Since I’ve used Perl and Vim a decent amount, sed’s s/// syntax was familiar enough. Unfortunately the version on my system didn’t recognize the \w regex construct, so I had to use [:alnum:]. I suffered some mild surprise that one set of brackets around :alnum: was insufficient—this appears to be parsed as the character class consisting of any of the letters a, l, n, u, m or the colon.

Then I decided that always abbreviating the machine name would look funky with short names. So I wanted to make the abbreviation conditional; I decided on “abbreviate only if the name contains a hyphen, underscore, or space.”

A quick search revealed that Bash does support matching strings against regex patterns! The bad news is that doing so is fraught with peril to the uninitiated. I spent way too much time getting this part working:

abbr_host=$(echo "$HOSTNAME" | sed 's/\..*$//')
abbr_pat='[-_ ]'
[[ "$abbr_host" =~ $abbr_pat ]] && abbr_host=$(echo "$abbr_host" | sed 's/\([[:alnum:]]\)[[:alnum:]]*/\1/g')

The abbr_host= parts are the same as above, just split into two lines. The weird bit is the double-bracket conditional.

When you are learning shell scripting, you pretty much get the adage “quote all the things!” pounded into you. This is because the Bourne shell and its descendants have some absolutely retarded rules regarding “null” values. For example, in (ba)sh, there is a command named [ that is commonly used for conditional statements. Yes, it’s a command, it’s not actually syntax. (In fact, it’s a synonym for another command named test.) This command accepts a variable number of arguments, and it tries to assemble these arguments into something resembling a conditional expression. This is a silly way of doing things on its own, but it gets worse when combined with how the shell performs expansion and substitution.

To illustrate, if you pass the [ command the argument -n and a string, it’s supposed to test whether or not the string is empty (zero-length). Specifically, it gives a false result if the string is empty, and a true result otherwise:

[ -n foo ] # => true
[ -n "" ]  # => false

One might think to use this to test whether or not a variable has a value. (Warning: incorrect code follows)

if [ -n $special_instructions ]; then handle_specially; else handle_normally; fi

Written in that way, handle_specially will always be run. If $special_instructions happened to have a value, it works as expected. If it didn’t, however, the shell removes the variable reference entirely before calling [, so what gets executed is [ -n ]. And if we check the manual, when [ is called with one argument, its behavior is to give a true result if that argument isn’t null (and the string -n isn’t null—it’s a string of length 2). Cool, huh? Yeah.

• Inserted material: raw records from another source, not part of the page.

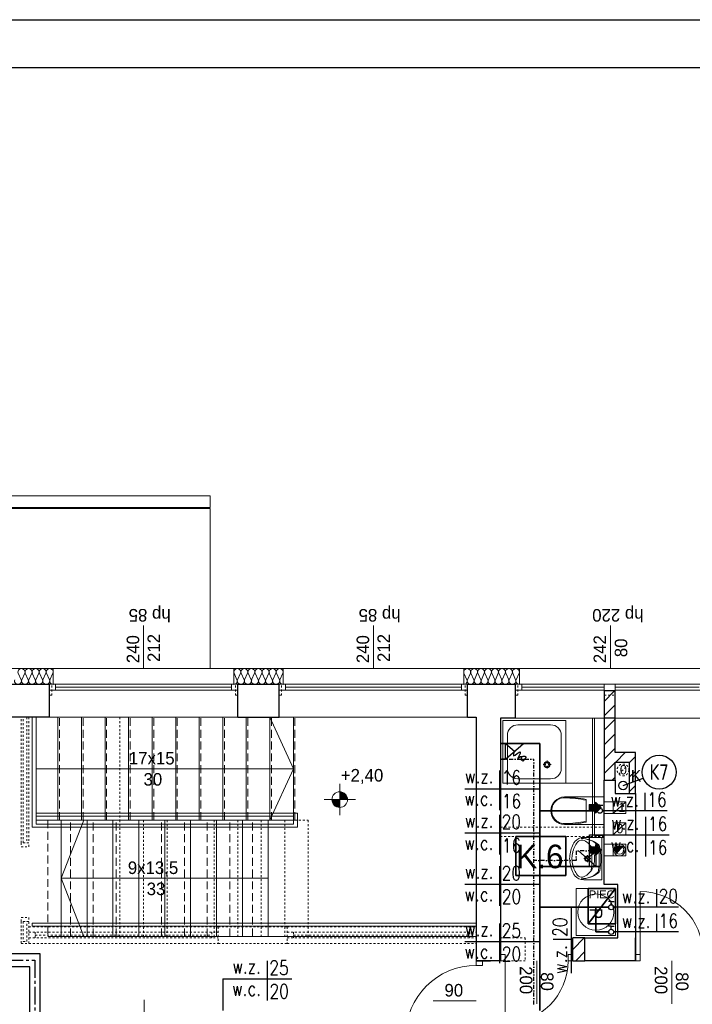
# Model space of a CAD drawing. Extents: x -220312 to -8310, y -91840 to 81907.
# Tile 74 of 128: x -175710 to -167139, y 38570 to 51109. Entities that reach past the tile are written whole.
import ezdxf
from ezdxf.enums import TextEntityAlignment as Align

# ---------------------------------------------------------------- set-up
doc = ezdxf.new("R2010")
doc.units = 0
doc.header["$MEASUREMENT"] = 0
for name, pattern in [('CENTER2', [1.125, 0.75, -0.125, 0.125, -0.125]), ('DASHDOT', [1, 0.5, -0.25, 0, -0.25]), ('Hidden Line', [50, 25, -25]), ('Krawędzie ukryte', [150, 100, -50])]:
    doc.linetypes.add(name, pattern=pattern)
for name, color, linetype in [('#armatura', 7, 'Continuous'), ('#kan_san-op', 34, 'Continuous'), ('BATERIA', 3, 'Continuous'), ('Drzwi ArchiCAD', 7, 'Continuous'), ('srednice', 3, 'Continuous')]:
    doc.layers.add(name, color=color, linetype=linetype)
for name, color, linetype, lineweight in [('#ks', 34, 'Continuous', 30), ('ARCH dach_Nr_Pióra__46', 5, 'Continuous', 13), ('Arch IS_Nr_Pióra__52', 34, 'Continuous', 25), ('Arch kominy_Nr_Pióra__1', 7, 'Continuous', 25), ('Arch kominy_Nr_Pióra__10', 134, 'Continuous', 18), ('Arch kominy_Nr_Pióra__21', 7, 'Continuous', 9), ('Arch opisy_Nr_Pióra__21', 7, 'Continuous', 9), ('Arch wyburzenia_Nr_Pióra__46', 5, 'Continuous', 13), ('arch wypelnienia_Nr_Pióra__21', 7, 'Continuous', 9), ('Arch wyposazenie_Nr_Pióra__26', 5, 'Continuous', 35), ('Arch ściany nośne_Nr_Pióra__21', 7, 'Continuous', 9), ('Arch ściany nośne_Nr_Pióra__27', 7, 'Continuous', 30), ('Drzwi ArchiCAD_Nr_Pióra__27', 7, 'Continuous', 30), ('Drzwi ArchiCAD_Nr_Pióra__5', 7, 'Continuous', 13), ('INWENT OPISY_Nr_Pióra__52', 34, 'Continuous', 25), ('INWENT RZĘDNE_Nr_Pióra__21', 7, 'Continuous', 9), ('INWENT. DRZWI_Nr_Pióra__101', 8, 'Continuous', 13), ('INWENT. OKNA_Nr_Pióra__101', 8, 'Continuous', 13), ('INWENT.ŚCIANY_Nr_Pióra__1', 7, 'Continuous', 25), ('INWENT.ŚCIANY_Nr_Pióra__101', 8, 'Continuous', 13), ('IS_Ciepła_woda', 1, 'DASHDOT', 30), ('IS_Cyrkulacja', 223, 'CYRKULACJ1', 30), ('Istniejące kominy_Nr_Pióra__5', 7, 'Continuous', 13), ('Istniejące schody_Nr_Pióra__21', 7, 'Continuous', 9), ('Istniejące schody_Nr_Pióra__5', 7, 'Continuous', 13), ('Istniejące stropy_Nr_Pióra__5', 7, 'Continuous', 13), ('PODKŁAD', 252, 'Continuous', 35), ('RAMKA', 255, 'Continuous', 35), ('woda', 5, 'Continuous', 53), ('woda zimna', 5, 'Continuous', 35)]:
    doc.layers.add(name, color=color, linetype=linetype, lineweight=lineweight)
for name, color, linetype, lineweight, true_color in [('Arch balustrady_Nr_Pióra__3', 7, 'Continuous', 18, 0xff6600), ('Arch drzwi_Nr_Pióra__4', 7, 'Continuous', 9, 0x029e21), ('Arch obudowy GK_Nr_Pióra__9', 7, 'Continuous', 13, 0x3dad99), ('Arch ocieplenie_Nr_Pióra__22', 7, 'Continuous', 9, 0x7f7f7f), ('Arch odwodniene_Nr_Pióra__25', 7, 'Continuous', 13, 0x40a5ff), ('Arch okna_Nr_Pióra__4', 7, 'Continuous', 9, 0x029e21), ('Arch schody_Nr_Pióra__25', 7, 'Continuous', 13, 0x40a5ff), ('arch wypelnienia_Nr_Pióra__89', 7, 'Continuous', 20, 0x71cebe), ('Arch wyposarzenie_Nr_Pióra__9', 7, 'Continuous', 13, 0x3dad99), ('Arch wyposazenie_Nr_Pióra__9', 7, 'Continuous', 13, 0x3dad99), ('Arch ściany zewnętrzne_Nr_Pióra__9', 7, 'Continuous', 13, 0x3dad99)]:
    doc.layers.add(name, color=color, linetype=linetype, lineweight=lineweight, true_color=true_color)
doc.styles.add('GENERATED_STYLE_2', font='txt')
doc.styles.add('GENERATED_STYLE_4', font='txt')
doc.styles.add('GENERATED_STYLE_6', font='txt')
doc.styles.add('GENERATED_STYLE_8', font='arial.ttf')
doc.styles.add('GLOWNE', font='verdana.ttf')
doc.styles.add('ROMANS', font='romans.shx', dxfattribs={"width": 0.85, "height": 0.11})
doc.styles.get("Standard").update_dxf_attribs({"font": 'txt', "bigfont": 'BIGFONT.SHX'})
doc.linetypes.add('CYRKULACJ1', pattern='A,2.5,-1.5,["~",Standard,S=1,R=0,X=-0.5,Y=-0.4],-1.5', length=5.5)
pattern_1 = [(45, (0, 0), (-91.92388, 91.92388), [])]

# ---------------------------------------------------------------- blocks, each defined once
blk = doc.blocks.new('p1')
at = {"layer": 'Arch ściany nośne_Nr_Pióra__21', "linetype": 'Continuous'}
h = blk.add_hatch(dxfattribs=at)
h.set_pattern_fill('Common_Brick', color=252, style=0, pattern_type=2)
h.set_pattern_definition(pattern_1)
h.paths.add_polyline_path([(-168122, 41425), (-168122, 42560), (-168262, 42560), (-168262, 41425)], flags=0)
h = blk.add_hatch(dxfattribs=at)
h.set_pattern_fill('Common_Brick', color=252, style=0, pattern_type=2)
h.set_pattern_definition(pattern_1)
h.paths.add_polyline_path([(-167862, 41775), (-168122, 41775), (-168122, 41655), (-167942, 41655)], flags=0)
h = blk.add_hatch(dxfattribs=at)
h.set_pattern_fill('Common_Brick', color=252, style=0, pattern_type=2)
h.set_pattern_definition(pattern_1)
h.paths.add_polyline_path([(-167862, 41255), (-167862, 41775), (-167942, 41655), (-167942, 41255)], flags=0)
h = blk.add_hatch(dxfattribs=at)
h.set_pattern_fill('Common_Brick', color=252, style=0, pattern_type=2)
h.set_pattern_definition(pattern_1)
h.paths.add_polyline_path([(-168507, 39415), (-168662, 39415), (-168662, 39205), (-168662, 39125), (-168507, 39125)], flags=0)
at = {"layer": 'INWENT RZĘDNE_Nr_Pióra__21', "linetype": 'Continuous'}
for points in [[(-171632, 41177), (-171532, 41177), (-171540, 41215), (-171562, 41247), (-171594, 41269), (-171632, 41277)], [(-171632, 41177), (-171732, 41177), (-171725, 41138), (-171703, 41106), (-171671, 41084), (-171632, 41077)]]:
    blk.add_hatch(color=252, dxfattribs=at).paths.add_polyline_path(points, flags=0)
at = {"color": 252}
for p, q in [((-169386, 40211), (-169386, 40705)), ((-169386, 40705), (-168751, 40705)), ((-168751, 40705), (-168751, 40211)), ((-168751, 40211), (-169386, 40211))]:
    blk.add_line(p, q, dxfattribs=at)
at = {"layer": 'Arch balustrady_Nr_Pióra__3', "color": 252, "linetype": 'Continuous'}
for p, q in [((-175552, 40825), (-175552, 42225)), ((-175502, 40865), (-175502, 42225)), ((-175502, 41005), (-172172, 41005)), ((-172172, 40825), (-172172, 41005)), ((-175502, 40965), (-172222, 40965)), ((-172222, 40865), (-172222, 40965)), ((-175552, 40825), (-172172, 40825)), ((-175502, 40865), (-172222, 40865)), ((-175552, 39565), (-175552, 39605)), ((-175552, 39605), (-169892, 39605)), ((-175552, 39565), (-169892, 39565))]:
    blk.add_line(p, q, dxfattribs=at)
at = {"layer": 'ARCH dach_Nr_Pióra__46', "color": 252, "linetype": 'Continuous'}
for p, q in [((-178912, 44885), (-173282, 44885)), ((-173282, 44885), (-173282, 42845))]:
    blk.add_line(p, q, dxfattribs=at)
at = {"layer": 'Arch IS_Nr_Pióra__52', "color": 252, "linetype": 'Continuous'}
blk.add_circle((-168022, 41355), 55, dxfattribs=at)
at = {"layer": 'Arch kominy_Nr_Pióra__1', "color": 252, "linetype": 'Continuous'}
for points in [[(-168372, 41005), (-168372, 41145), (-168302, 41075)], [(-168372, 41035), (-168452, 41115), (-168372, 41115)], [(-168452, 41035), (-168452, 41115), (-168372, 41035)], [(-168372, 40495), (-168452, 40575), (-168372, 40575)], [(-168452, 40495), (-168452, 40575), (-168372, 40495)], [(-168372, 40465), (-168372, 40605), (-168302, 40535)]]:
    blk.add_solid(points, dxfattribs=at)
at = {"layer": 'Arch kominy_Nr_Pióra__21', "color": 252, "linetype": 'Hidden Line'}
blk.add_line((-168075, 41502), (-167969, 41608), dxfattribs=at)
at = {"layer": 'Arch kominy_Nr_Pióra__21', "color": 252, "linetype": 'Continuous'}
for p, q in [((-168372, 41145), (-168302, 41075)), ((-168372, 41115), (-168372, 41145)), ((-168147, 41150), (-168262, 41150)), ((-168262, 41150), (-168262, 41000)), ((-168452, 41115), (-168372, 41115)), ((-168452, 41115), (-168452, 41035)), ((-168452, 41035), (-168372, 41035)), ((-168302, 41075), (-168372, 41005)), ((-168372, 41035), (-168372, 41005)), ((-168147, 41000), (-168262, 41000)), ((-168452, 40575), (-168372, 40575)), ((-168452, 40575), (-168452, 40495)), ((-168372, 40605), (-168302, 40535)), ((-168372, 40575), (-168372, 40605)), ((-168302, 40535), (-168372, 40465)), ((-168147, 40610), (-168262, 40610)), ((-168262, 40610), (-168262, 40460)), ((-168014, 40588), (-168120, 40482)), ((-168452, 40495), (-168372, 40495)), ((-168372, 40495), (-168372, 40465)), ((-168147, 40460), (-168262, 40460))]:
    blk.add_line(p, q, dxfattribs=at)
at = {"layer": 'Arch kominy_Nr_Pióra__21', "color": 252, "linetype": 'Hidden Line'}
blk.add_circle((-168022, 41555), 75, dxfattribs=at)
at = {"layer": 'Arch kominy_Nr_Pióra__21', "color": 252, "linetype": 'Continuous'}
for radius in [75, 55]:
    blk.add_circle((-168067, 40535), radius, dxfattribs=at)
at = {"layer": 'Arch obudowy GK_Nr_Pióra__9', "color": 252, "linetype": 'Continuous'}
for p, q in [((-168412, 42215), (-168412, 40695)), ((-168387, 40720), (-168387, 42215)), ((-168412, 40695), (-168262, 40695)), ((-168262, 40720), (-168387, 40720))]:
    blk.add_line(p, q, dxfattribs=at)
at = {"layer": 'Arch ocieplenie_Nr_Pióra__22', "color": 252, "linetype": 'Continuous'}
for p, q in [((-175729, 42785), (-175691, 42704)), ((-175684, 42704), (-175646, 42785)), ((-175639, 42785), (-175601, 42704)), ((-175594, 42704), (-175556, 42785)), ((-175549, 42785), (-175511, 42704)), ((-175504, 42704), (-175466, 42785)), ((-175459, 42785), (-175421, 42704)), ((-175414, 42704), (-175376, 42785)), ((-175369, 42785), (-175331, 42704)), ((-175324, 42704), (-175286, 42785)), ((-172979, 42785), (-172941, 42704)), ((-172934, 42704), (-172896, 42785)), ((-172889, 42785), (-172851, 42704)), ((-172844, 42704), (-172806, 42785)), ((-172799, 42785), (-172761, 42704)), ((-172754, 42704), (-172716, 42785)), ((-172709, 42785), (-172671, 42704)), ((-172664, 42704), (-172626, 42785)), ((-172619, 42785), (-172581, 42704)), ((-172574, 42704), (-172536, 42785)), ((-172529, 42785), (-172491, 42704)), ((-172484, 42704), (-172446, 42785)), ((-172439, 42785), (-172401, 42704)), ((-172394, 42704), (-172356, 42785)), ((-170049, 42785), (-170012, 42704)), ((-170004, 42704), (-169967, 42785)), ((-169960, 42785), (-169923, 42704)), ((-169916, 42704), (-169879, 42785)), ((-169871, 42785), (-169834, 42704)), ((-169827, 42704), (-169790, 42785)), ((-169782, 42785), (-169745, 42704)), ((-169738, 42704), (-169701, 42785)), ((-169694, 42785), (-169657, 42704)), ((-169649, 42704), (-169612, 42785)), ((-169605, 42785), (-169568, 42704)), ((-169561, 42704), (-169524, 42785)), ((-169516, 42785), (-169479, 42704)), ((-169472, 42704), (-169435, 42785)), ((-169427, 42785), (-169390, 42704)), ((-169383, 42704), (-169346, 42785))]:
    blk.add_line(p, q, dxfattribs=at)
for centre, major_axis, ratio, start_param, end_param in [((-175687, 42802), (45, 0), 0.945236, 5.870392, 9.837571), ((-175597, 42802), (45, 0), 0.945236, 5.870392, 9.837571), ((-175507, 42802), (45, 0), 0.945236, 5.870392, 9.837571), ((-175417, 42802), (45, 0), 0.945236, 5.870392, 9.837571), ((-175327, 42802), (45, 0), 0.945236, 5.870392, 9.837571), ((-172937, 42802), (45, 0), 0.945236, 5.870392, 9.837571), ((-172847, 42802), (45, 0), 0.945236, 5.870392, 9.837571), ((-172757, 42802), (45, 0), 0.945236, 5.870392, 9.837571), ((-172667, 42802), (45, 0), 0.945236, 5.870392, 9.837571), ((-172577, 42802), (45, 0), 0.945236, 5.870392, 9.837571), ((-172487, 42802), (45, 0), 0.945236, 5.870392, 9.837571), ((-172397, 42802), (45, 0), 0.945236, 5.870392, 9.837571), ((-170008, 42802), (44.4, 0), 0.958549, 5.870392, 9.837571), ((-169919, 42802), (44.4, 0), 0.958549, 5.870392, 9.837571), ((-169831, 42802), (44.4, 0), 0.958549, 5.870392, 9.837571), ((-169742, 42802), (44.4, 0), 0.958549, 5.870392, 9.837571), ((-169653, 42802), (44.4, 0), 0.958549, 5.870392, 9.837571), ((-169564, 42802), (44.4, 0), 0.958549, 5.870392, 9.837571), ((-169476, 42802), (44.4, 0), 0.958549, 5.870392, 9.837571), ((-169387, 42802), (44.4, 0), 0.958549, 5.870392, 9.837571), ((-175732, 42687), (45, 0), 0.945236, 2.7288, 6.695979), ((-175642, 42687), (45, 0), 0.945236, 2.7288, 6.695979), ((-175552, 42687), (45, 0), 0.945236, 2.7288, 6.695979), ((-175462, 42687), (45, 0), 0.945236, 2.7288, 6.695979), ((-175372, 42687), (45, 0), 0.945236, 2.7288, 6.695979), ((-175282, 42687), (45, 0), 0.945236, 2.7288, 4.712389), ((-172982, 42687), (45, 0), 0.945236, 4.712389, 6.695979), ((-172892, 42687), (45, 0), 0.945236, 2.7288, 6.695979), ((-172802, 42687), (45, 0), 0.945236, 2.7288, 6.695979), ((-172712, 42687), (45, 0), 0.945236, 2.7288, 6.695979), ((-172622, 42687), (45, 0), 0.945236, 2.7288, 6.695979), ((-172532, 42687), (45, 0), 0.945236, 2.7288, 6.695979), ((-172442, 42687), (45, 0), 0.945236, 2.7288, 6.695979), ((-172352, 42687), (45, 0), 0.945236, 2.7288, 4.712389), ((-170052, 42687), (44.4, 0), 0.958549, 4.712389, 6.695979), ((-169964, 42687), (44.4, 0), 0.958549, 2.7288, 6.695979), ((-169875, 42687), (44.4, 0), 0.958549, 2.7288, 6.695979), ((-169786, 42687), (44.4, 0), 0.958549, 2.7288, 6.695979), ((-169697, 42687), (44.4, 0), 0.958549, 2.7288, 6.695979), ((-169609, 42687), (44.4, 0), 0.958549, 2.7288, 6.695979), ((-169520, 42687), (44.4, 0), 0.958549, 2.7288, 6.695979), ((-169431, 42687), (44.4, 0), 0.958549, 2.7288, 6.695979), ((-169342, 42687), (44.4, 0), 0.958549, 2.7288, 4.712389)]:
    blk.add_ellipse(centre, major_axis=major_axis, ratio=ratio, start_param=start_param, end_param=end_param, dxfattribs=at)
at = {"layer": 'Arch odwodniene_Nr_Pióra__25', "color": 252, "linetype": 'Continuous'}
for p, q in [((-173282, 45045), (-178912, 45045)), ((-173282, 44895), (-173282, 45045)), ((-178912, 44895), (-173282, 44895))]:
    blk.add_line(p, q, dxfattribs=at)
at = {"layer": 'Arch okna_Nr_Pióra__4', "color": 252, "linetype": 'Continuous'}
for p, q in [((-174132, 42845), (-174132, 43395)), ((-171202, 42845), (-171202, 43395)), ((-168182, 42845), (-168182, 43395)), ((-175282, 42845), (-172982, 42845)), ((-172352, 42845), (-170052, 42845)), ((-169342, 42845), (-167022, 42845)), ((-175332, 42645), (-172932, 42645)), ((-175252, 42570), (-175252, 42645)), ((-173012, 42570), (-173012, 42645)), ((-172402, 42645), (-170002, 42645)), ((-172322, 42570), (-172322, 42645)), ((-170082, 42570), (-170082, 42645)), ((-169392, 42645), (-166972, 42645)), ((-169312, 42570), (-169312, 42645)), ((-168262, 42570), (-168262, 42645)), ((-168122, 42570), (-168122, 42645)), ((-175332, 42570), (-172932, 42570)), ((-175252, 42607), (-173012, 42607)), ((-172402, 42570), (-170002, 42570)), ((-172322, 42607), (-170082, 42607)), ((-169392, 42570), (-168262, 42570)), ((-169312, 42607), (-168262, 42607)), ((-168122, 42607), (-167052, 42607)), ((-168122, 42570), (-166972, 42570)), ((-175332, 42225), (-172932, 42225)), ((-172402, 42225), (-170002, 42225)), ((-169392, 42215), (-168262, 42215)), ((-168122, 42215), (-166972, 42215)), ((-169122, 38575), (-169122, 39125)), ((-167402, 38575), (-167402, 39125)), ((-174122, 38075), (-174122, 38625)), ((-170442, 38615), (-169892, 38615))]:
    blk.add_line(p, q, dxfattribs=at)
at = {"layer": 'Arch opisy_Nr_Pióra__21', "color": 252, "linetype": 'Continuous'}
for p, q in [((-169386, 40211), (-169386, 40705)), ((-169386, 40705), (-168751, 40705)), ((-168751, 40705), (-168751, 40211)), ((-168751, 40211), (-169386, 40211))]:
    blk.add_line(p, q, dxfattribs=at)
at = {"layer": 'Arch schody_Nr_Pióra__25', "color": 252, "linetype": 'Continuous'}
for p, q in [((-175222, 40915), (-175222, 42225)), ((-174922, 40915), (-174922, 42225)), ((-174622, 40915), (-174622, 42225)), ((-174322, 40915), (-174322, 42225)), ((-174022, 40915), (-174022, 42225)), ((-173722, 40915), (-173722, 42225)), ((-173422, 40915), (-173422, 42225)), ((-173122, 40915), (-173122, 42225)), ((-172822, 40915), (-172822, 42225)), ((-172522, 40915), (-172522, 42225)), ((-172222, 40915), (-172222, 42225)), ((-175182, 39435), (-175182, 40915)), ((-174852, 39435), (-174852, 40915)), ((-174522, 39435), (-174522, 40915)), ((-174192, 39435), (-174192, 40915)), ((-173862, 39435), (-173862, 40915)), ((-173532, 39435), (-173532, 40915)), ((-173202, 39435), (-173202, 40915)), ((-172872, 39435), (-172872, 40915)), ((-172542, 39435), (-172542, 40915))]:
    blk.add_line(p, q, dxfattribs=at)
at = {"layer": 'Arch wyburzenia_Nr_Pióra__46', "color": 252, "linetype": 'Continuous'}
for p, q in [((-175912, 42845), (-175282, 42845)), ((-175282, 42845), (-175282, 42645)), ((-172982, 42645), (-172982, 42845)), ((-172982, 42845), (-172352, 42845)), ((-172352, 42845), (-172352, 42645)), ((-170052, 42645), (-170052, 42845)), ((-170052, 42845), (-169342, 42845)), ((-169342, 42845), (-169342, 42645))]:
    blk.add_line(p, q, dxfattribs=at)
at = {"layer": 'arch wypelnienia_Nr_Pióra__21', "color": 252, "linetype": 'Continuous'}
blk.add_line((-168106, 40496), (-168028, 40574), dxfattribs=at)
for start, end in [(45, 180), (180, 225)]:
    blk.add_arc((-168067, 40535), 55, start, end, dxfattribs=at)
at = {"layer": 'arch wypelnienia_Nr_Pióra__89', "color": 252, "linetype": 'Continuous'}
for points in [[(-168118, 40514), (-168122, 40535), (-168118, 40545)], [(-168106, 40496), (-168118, 40545), (-168106, 40574)], [(-168118, 40514), (-168118, 40545), (-168106, 40496)], [(-168067, 40535), (-168106, 40574), (-168067, 40590)], [(-168106, 40496), (-168106, 40574), (-168067, 40535)], [(-168067, 40535), (-168067, 40590), (-168028, 40574)]]:
    blk.add_solid(points, dxfattribs=at)
at = {"layer": 'Arch wyposarzenie_Nr_Pióra__9', "color": 252, "linetype": 'Continuous'}
for p, q in [((-169552, 42185), (-168752, 42185)), ((-169552, 42185), (-169552, 41385)), ((-168752, 42185), (-168752, 41385)), ((-169361, 42129), (-168944, 42129)), ((-169496, 41994), (-169496, 41576)), ((-168809, 41994), (-168809, 41576)), ((-168990, 41638), (-168990, 41674)), ((-169041, 41623), (-169006, 41623)), ((-168990, 41571), (-168990, 41607)), ((-168975, 41623), (-168939, 41623)), ((-169552, 41385), (-168752, 41385)), ((-169361, 41441), (-168944, 41441)), ((-168292, 40695), (-168521, 40695)), ((-168292, 40155), (-168292, 40695)), ((-168292, 40510), (-168292, 40340)), ((-168492, 40425), (-168521, 40425)), ((-168476, 40470), (-168476, 40442)), ((-168476, 40408), (-168476, 40379)), ((-168430, 40425), (-168459, 40425)), ((-168292, 40155), (-168521, 40155))]:
    blk.add_line(p, q, dxfattribs=at)
for centre, radius in [((-168990, 41623), 39.4), ((-168990, 41623), 28.1), ((-168476, 40425), 35), ((-168476, 40425), 25), ((-168367, 39745), 230)]:
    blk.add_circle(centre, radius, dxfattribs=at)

The solution is to put double (not single, God help you) quotes around the variable reference:

if [ -n "$special_instructions" ]; then handle_specially; else handle_normally; fi

This works how you wanted; if $special_instructions is null/empty, its reference still gets removed by the shell, but it leaves the resulting "" (which the manual calls an “explicitly null value”). Thus [ still gets two arguments, and will check to see the first arg is -n, and then know to check the second arg for nullness.

That was a long aside, but it’s necessary to understand the above to appreciate the irony of the next point. Going back to the code:

[[ "$abbr_host" =~ $abbr_pat ]]

This amazingly does not work right if you quote the pattern variable. Gotta leave it unquoted, despite the extremely numerous cases where leaving variable references unquoted can burn you. If you see him, feel free to ask Stallman why this has to work this way (be warned: he’ll try to distract you by changing the subject to copyright law or something).

Wow, I’ve written a lot of words and didn’t even get to the frustrating part of the code. Guess this just became a multi-part article.